Study Suggests Depressed People Have Trouble Enjoying Positive Experiences

March 23, 2009 07:30 AM
by Liz Colville
An Ohio State University study used a computer game to examine how depressed people think about negative and positive experiences.

“A Failure to Appreciate Positive Experiences”

A team of psychology professors and graduate students at Ohio State University used a computer game called “BeanFest” that “offers a unique and powerful way to measure how people learn new attitudes,” according to study coauthor Daniel Strunk, an assistant professor at Ohio State, quoted in an Ohio State press release.

The team examined 34 college students considered either clinically depressed or not depressed at the time of the study. The depressed students were classified as suffering from mild, moderate or severe depression. In the game, the object was to gain points by selecting beans that were physically classified as “good” and “bad,” with the good beans gaining the player points, if selected, and the bad beans losing them points.

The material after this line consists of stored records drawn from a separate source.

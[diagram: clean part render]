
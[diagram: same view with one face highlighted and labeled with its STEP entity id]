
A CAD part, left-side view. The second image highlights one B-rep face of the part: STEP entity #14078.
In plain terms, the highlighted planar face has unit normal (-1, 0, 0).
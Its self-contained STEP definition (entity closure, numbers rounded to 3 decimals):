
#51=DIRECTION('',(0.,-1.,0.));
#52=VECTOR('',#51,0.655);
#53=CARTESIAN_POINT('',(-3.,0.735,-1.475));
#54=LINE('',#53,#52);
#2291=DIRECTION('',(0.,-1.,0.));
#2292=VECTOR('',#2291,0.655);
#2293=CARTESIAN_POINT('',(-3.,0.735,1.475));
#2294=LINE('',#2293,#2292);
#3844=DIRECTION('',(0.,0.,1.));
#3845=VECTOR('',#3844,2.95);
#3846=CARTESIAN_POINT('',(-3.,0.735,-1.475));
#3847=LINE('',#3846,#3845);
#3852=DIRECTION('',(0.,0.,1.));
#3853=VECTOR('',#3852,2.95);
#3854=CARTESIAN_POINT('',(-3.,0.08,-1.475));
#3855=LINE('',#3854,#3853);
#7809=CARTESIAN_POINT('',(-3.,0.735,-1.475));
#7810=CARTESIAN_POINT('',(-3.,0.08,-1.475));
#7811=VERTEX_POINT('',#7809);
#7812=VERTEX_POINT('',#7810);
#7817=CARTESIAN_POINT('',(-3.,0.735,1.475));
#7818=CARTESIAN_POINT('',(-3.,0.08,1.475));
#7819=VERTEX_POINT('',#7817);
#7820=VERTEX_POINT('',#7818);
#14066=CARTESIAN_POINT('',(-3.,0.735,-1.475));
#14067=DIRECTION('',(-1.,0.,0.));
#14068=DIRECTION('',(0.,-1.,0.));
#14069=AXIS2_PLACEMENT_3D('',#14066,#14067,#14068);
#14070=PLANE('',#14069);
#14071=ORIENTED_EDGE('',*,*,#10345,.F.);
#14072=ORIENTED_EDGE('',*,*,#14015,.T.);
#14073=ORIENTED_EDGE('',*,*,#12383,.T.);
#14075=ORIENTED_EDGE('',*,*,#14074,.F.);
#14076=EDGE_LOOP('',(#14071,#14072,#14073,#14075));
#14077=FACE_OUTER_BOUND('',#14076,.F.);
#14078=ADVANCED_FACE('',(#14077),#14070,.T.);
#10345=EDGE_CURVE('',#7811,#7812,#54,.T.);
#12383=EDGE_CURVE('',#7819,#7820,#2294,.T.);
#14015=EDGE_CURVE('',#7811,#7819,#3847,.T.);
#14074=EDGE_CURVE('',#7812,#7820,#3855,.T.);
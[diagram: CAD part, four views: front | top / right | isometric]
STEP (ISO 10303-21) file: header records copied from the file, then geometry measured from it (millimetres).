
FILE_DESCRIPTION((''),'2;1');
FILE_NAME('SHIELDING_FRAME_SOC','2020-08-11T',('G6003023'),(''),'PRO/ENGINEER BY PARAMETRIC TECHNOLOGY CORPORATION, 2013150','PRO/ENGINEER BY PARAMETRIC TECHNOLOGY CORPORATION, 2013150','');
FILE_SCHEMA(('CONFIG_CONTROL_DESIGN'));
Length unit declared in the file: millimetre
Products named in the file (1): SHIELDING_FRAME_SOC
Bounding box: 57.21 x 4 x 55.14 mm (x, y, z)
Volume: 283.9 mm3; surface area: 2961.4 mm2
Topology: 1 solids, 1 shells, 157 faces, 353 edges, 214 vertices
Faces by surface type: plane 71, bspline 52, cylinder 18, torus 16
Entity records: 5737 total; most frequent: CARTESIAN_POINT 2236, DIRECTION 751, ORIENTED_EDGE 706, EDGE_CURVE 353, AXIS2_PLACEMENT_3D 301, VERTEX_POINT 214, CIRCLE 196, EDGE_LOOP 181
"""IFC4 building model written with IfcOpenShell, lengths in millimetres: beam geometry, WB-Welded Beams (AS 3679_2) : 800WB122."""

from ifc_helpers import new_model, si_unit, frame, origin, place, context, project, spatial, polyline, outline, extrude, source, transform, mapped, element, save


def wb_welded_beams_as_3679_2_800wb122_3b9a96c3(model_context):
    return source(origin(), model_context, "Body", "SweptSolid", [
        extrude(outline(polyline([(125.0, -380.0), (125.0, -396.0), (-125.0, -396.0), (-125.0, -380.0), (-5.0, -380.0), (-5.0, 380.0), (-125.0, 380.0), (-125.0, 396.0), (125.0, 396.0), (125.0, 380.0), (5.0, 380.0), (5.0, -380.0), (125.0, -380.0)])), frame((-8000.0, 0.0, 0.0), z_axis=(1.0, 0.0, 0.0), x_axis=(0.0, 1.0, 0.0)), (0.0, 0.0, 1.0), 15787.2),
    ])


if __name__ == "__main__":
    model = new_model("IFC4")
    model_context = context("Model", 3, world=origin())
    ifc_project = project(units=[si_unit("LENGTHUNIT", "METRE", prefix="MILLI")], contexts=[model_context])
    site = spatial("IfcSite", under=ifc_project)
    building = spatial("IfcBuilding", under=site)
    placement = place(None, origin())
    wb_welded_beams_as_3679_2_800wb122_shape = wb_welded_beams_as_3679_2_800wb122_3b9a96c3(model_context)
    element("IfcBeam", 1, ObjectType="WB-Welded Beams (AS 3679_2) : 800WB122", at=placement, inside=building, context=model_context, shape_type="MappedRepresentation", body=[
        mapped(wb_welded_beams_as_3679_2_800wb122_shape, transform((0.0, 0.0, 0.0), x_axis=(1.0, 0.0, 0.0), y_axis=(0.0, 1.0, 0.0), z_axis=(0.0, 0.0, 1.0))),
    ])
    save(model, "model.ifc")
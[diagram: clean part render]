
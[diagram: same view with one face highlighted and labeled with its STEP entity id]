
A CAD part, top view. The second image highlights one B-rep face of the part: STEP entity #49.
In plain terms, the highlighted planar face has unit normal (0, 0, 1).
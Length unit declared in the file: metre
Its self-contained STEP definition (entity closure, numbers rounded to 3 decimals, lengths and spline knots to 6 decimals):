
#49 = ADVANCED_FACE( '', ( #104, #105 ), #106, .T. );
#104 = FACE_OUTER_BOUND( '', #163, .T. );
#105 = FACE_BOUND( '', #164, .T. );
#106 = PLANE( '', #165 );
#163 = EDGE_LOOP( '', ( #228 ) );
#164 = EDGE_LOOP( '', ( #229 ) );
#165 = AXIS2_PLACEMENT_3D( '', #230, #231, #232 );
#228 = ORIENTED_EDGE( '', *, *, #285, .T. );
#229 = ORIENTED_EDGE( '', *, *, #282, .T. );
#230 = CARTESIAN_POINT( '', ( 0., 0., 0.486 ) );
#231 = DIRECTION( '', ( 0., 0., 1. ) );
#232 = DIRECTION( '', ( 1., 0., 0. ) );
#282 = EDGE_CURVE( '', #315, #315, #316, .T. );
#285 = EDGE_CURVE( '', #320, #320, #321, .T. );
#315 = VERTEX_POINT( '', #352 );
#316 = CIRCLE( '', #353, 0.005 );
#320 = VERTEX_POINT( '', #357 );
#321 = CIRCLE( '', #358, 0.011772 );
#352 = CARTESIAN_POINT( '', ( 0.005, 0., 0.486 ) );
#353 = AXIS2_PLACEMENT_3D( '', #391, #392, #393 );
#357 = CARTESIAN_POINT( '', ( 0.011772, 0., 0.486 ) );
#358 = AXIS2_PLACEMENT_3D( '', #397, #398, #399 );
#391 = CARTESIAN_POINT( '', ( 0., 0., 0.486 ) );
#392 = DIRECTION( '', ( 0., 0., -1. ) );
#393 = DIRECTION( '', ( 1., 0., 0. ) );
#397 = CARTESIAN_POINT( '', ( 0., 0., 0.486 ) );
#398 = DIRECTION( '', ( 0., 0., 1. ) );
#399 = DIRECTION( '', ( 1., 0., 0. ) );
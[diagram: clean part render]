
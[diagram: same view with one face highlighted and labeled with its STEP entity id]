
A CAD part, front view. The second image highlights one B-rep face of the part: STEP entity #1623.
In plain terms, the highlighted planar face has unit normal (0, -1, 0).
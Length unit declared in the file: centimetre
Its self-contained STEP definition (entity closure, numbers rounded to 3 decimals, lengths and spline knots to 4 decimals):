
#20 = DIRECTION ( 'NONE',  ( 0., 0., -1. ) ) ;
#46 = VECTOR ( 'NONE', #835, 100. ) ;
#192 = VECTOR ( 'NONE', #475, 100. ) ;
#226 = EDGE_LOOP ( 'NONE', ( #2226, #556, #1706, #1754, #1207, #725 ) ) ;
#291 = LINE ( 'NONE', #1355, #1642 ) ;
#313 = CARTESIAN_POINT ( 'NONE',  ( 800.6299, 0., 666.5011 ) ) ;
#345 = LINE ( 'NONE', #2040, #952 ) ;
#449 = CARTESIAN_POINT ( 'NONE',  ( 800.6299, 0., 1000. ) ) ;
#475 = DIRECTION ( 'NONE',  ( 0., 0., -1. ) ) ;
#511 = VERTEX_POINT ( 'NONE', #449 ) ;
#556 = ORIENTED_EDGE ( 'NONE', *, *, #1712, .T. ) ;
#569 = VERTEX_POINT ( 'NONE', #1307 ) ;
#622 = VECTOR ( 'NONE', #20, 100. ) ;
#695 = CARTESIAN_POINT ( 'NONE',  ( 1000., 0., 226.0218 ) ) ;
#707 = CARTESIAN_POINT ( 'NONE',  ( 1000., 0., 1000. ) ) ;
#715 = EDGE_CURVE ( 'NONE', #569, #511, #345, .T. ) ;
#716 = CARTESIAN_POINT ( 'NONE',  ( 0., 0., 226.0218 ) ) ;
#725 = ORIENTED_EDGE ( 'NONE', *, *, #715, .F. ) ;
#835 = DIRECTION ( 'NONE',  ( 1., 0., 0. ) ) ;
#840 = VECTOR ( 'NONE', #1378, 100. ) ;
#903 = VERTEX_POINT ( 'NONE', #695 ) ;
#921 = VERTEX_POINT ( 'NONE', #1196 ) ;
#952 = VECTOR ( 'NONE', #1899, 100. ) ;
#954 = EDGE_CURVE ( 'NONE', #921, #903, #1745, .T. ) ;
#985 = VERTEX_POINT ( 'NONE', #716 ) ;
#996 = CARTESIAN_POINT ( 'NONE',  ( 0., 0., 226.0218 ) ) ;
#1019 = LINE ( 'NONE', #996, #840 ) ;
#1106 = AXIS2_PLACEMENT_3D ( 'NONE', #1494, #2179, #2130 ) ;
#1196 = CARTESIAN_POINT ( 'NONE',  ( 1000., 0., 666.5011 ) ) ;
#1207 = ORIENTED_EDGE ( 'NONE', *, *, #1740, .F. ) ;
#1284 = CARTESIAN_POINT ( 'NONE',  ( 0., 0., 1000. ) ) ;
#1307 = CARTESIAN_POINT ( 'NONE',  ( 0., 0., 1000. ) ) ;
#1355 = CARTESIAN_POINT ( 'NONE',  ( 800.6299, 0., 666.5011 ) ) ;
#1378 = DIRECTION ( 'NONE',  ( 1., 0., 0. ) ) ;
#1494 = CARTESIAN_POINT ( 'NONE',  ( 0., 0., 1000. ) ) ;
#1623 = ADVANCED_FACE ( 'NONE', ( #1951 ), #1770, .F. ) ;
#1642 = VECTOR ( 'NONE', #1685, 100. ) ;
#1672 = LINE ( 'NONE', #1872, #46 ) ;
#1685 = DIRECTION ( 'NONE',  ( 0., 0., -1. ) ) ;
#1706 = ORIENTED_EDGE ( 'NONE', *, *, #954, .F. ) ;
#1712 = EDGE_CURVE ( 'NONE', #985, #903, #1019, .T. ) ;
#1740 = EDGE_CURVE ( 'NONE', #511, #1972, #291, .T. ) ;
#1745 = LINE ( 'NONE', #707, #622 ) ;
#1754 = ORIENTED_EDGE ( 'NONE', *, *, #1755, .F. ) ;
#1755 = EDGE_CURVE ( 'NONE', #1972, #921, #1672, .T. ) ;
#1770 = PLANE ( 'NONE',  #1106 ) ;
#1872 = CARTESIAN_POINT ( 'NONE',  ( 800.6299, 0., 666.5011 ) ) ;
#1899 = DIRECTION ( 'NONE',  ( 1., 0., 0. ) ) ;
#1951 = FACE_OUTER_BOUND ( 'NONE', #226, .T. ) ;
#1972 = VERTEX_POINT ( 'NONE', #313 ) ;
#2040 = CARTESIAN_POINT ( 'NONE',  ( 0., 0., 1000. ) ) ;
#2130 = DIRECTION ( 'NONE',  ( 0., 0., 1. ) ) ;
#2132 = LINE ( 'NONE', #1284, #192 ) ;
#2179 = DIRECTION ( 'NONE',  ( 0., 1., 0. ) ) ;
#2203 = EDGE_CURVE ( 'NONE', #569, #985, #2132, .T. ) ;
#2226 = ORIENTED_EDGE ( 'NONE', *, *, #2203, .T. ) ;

In a test phase, subjects were asked to recall the beans they had seen. “Non-depressed students identified the good beans better than the depressed students, who failed to identify good beans better than chance,” ScienceDaily writes.

Narrowing in on how depressed people deal with positive experiences, Strunk said, “The depressed people showed a bias against learning positive information although they had no trouble learning the negative.” While the authors say more research needs to be done, they contend the findings can help patients with depression. For instance, therapists can help patients place more emphasis on positive new experiences.

Background: Recent studies of depression and the “optimism bias”

A 2007 study at New York University suggested a neurological link between the optimistic viewpoint that humans tend to have about the future and the pessimistic viewpoint that depressed people experience. Using functional magnetic resonance imaging (fMRI), researchers found evidence suggesting that humans’ “optimism bias” “may be rooted in the same brain circuitry as depression,” according to the National Institute of Mental Health, which funded the study.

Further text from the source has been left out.